- [RECORD EXTRACTS]:
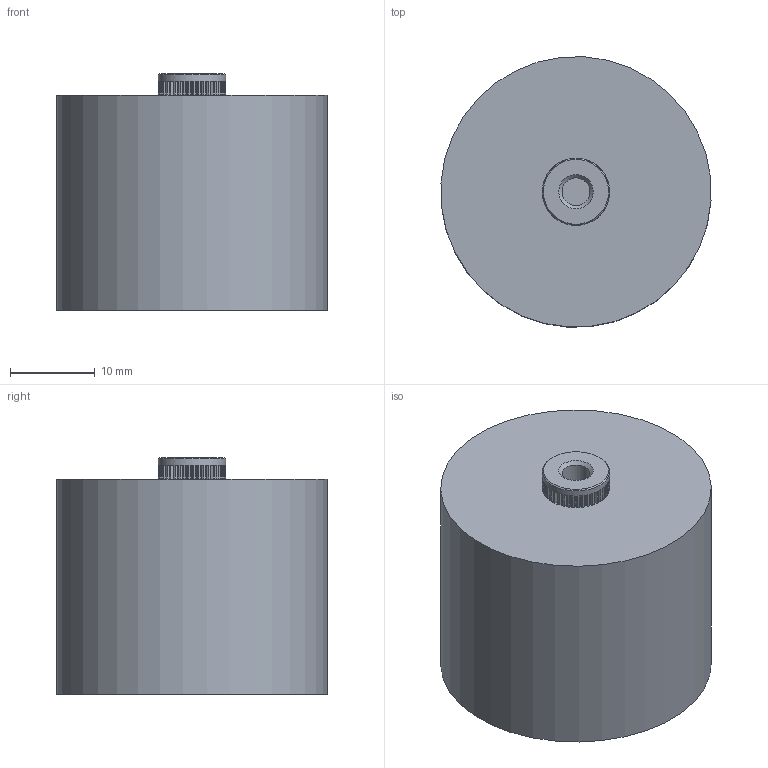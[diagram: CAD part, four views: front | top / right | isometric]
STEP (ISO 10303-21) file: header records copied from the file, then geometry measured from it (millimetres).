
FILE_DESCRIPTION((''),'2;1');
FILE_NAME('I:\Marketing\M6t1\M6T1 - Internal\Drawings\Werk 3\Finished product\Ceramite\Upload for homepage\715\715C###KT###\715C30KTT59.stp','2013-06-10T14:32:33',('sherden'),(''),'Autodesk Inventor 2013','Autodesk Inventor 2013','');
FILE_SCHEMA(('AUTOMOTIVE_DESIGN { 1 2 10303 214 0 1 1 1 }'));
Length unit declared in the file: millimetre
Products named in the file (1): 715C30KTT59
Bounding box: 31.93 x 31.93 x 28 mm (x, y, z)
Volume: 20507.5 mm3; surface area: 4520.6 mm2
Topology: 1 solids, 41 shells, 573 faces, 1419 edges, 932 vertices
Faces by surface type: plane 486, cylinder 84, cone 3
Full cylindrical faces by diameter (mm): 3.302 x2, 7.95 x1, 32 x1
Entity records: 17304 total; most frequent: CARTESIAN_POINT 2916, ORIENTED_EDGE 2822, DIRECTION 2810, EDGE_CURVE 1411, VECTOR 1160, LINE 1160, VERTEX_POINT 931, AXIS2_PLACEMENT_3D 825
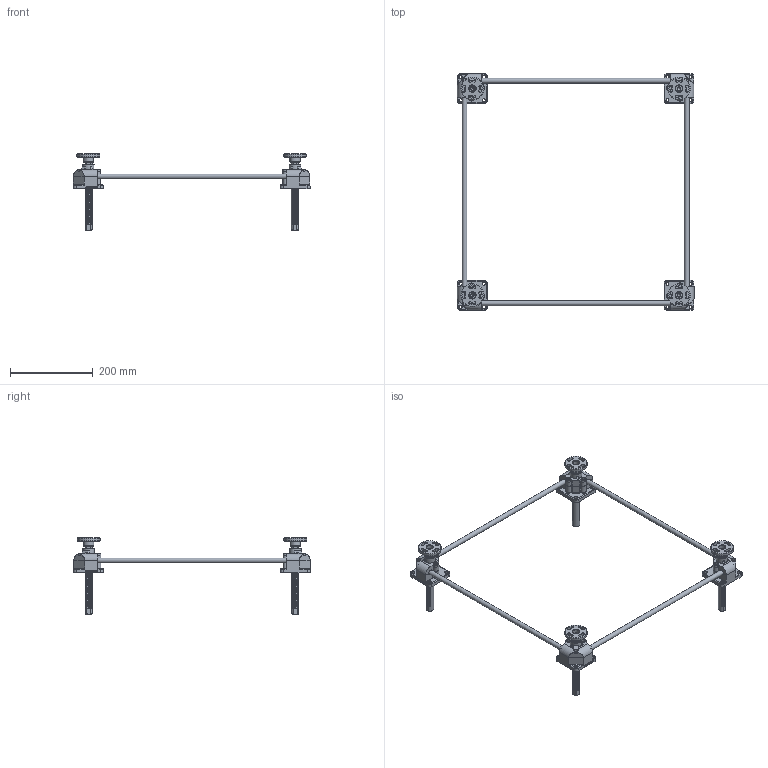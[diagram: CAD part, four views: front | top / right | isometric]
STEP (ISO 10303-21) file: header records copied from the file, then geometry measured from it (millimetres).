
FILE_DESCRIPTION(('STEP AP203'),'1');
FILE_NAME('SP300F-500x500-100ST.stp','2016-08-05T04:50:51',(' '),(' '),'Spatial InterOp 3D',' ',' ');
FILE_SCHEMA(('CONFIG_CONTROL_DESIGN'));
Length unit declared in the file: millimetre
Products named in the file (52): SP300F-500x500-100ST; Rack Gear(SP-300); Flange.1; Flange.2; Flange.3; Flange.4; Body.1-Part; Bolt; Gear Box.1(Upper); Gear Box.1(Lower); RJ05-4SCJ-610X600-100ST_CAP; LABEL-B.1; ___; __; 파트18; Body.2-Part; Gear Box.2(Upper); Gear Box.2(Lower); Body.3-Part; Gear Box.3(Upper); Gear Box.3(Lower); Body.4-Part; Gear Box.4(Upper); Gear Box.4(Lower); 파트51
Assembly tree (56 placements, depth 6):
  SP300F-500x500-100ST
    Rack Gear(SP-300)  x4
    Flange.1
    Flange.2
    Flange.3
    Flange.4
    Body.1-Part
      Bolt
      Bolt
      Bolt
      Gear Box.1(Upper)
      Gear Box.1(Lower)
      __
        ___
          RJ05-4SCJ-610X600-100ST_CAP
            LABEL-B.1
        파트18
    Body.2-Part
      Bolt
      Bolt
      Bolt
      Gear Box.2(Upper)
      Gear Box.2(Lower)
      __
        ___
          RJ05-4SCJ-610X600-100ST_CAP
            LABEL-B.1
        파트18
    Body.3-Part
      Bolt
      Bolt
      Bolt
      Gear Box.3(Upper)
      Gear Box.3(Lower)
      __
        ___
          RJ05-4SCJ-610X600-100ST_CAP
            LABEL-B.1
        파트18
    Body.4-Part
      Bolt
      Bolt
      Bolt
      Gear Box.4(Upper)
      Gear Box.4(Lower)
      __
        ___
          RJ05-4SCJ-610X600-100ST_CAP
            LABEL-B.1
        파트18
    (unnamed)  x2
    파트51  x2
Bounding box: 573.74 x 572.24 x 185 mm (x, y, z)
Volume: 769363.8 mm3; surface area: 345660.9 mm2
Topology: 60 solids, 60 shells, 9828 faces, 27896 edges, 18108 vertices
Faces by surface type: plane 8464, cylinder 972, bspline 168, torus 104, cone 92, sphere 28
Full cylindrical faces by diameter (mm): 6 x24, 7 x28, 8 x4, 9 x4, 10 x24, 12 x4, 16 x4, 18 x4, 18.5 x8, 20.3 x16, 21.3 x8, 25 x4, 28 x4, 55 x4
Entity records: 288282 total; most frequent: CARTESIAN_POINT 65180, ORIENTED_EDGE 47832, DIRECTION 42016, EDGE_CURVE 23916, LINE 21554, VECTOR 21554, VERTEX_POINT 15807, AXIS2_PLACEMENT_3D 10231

- [WHAT IS NEEDED]: Using the material above, tally each line where the word "cylindrical" appears. Reply with the total only.

- [TASK RESPONSE]: 2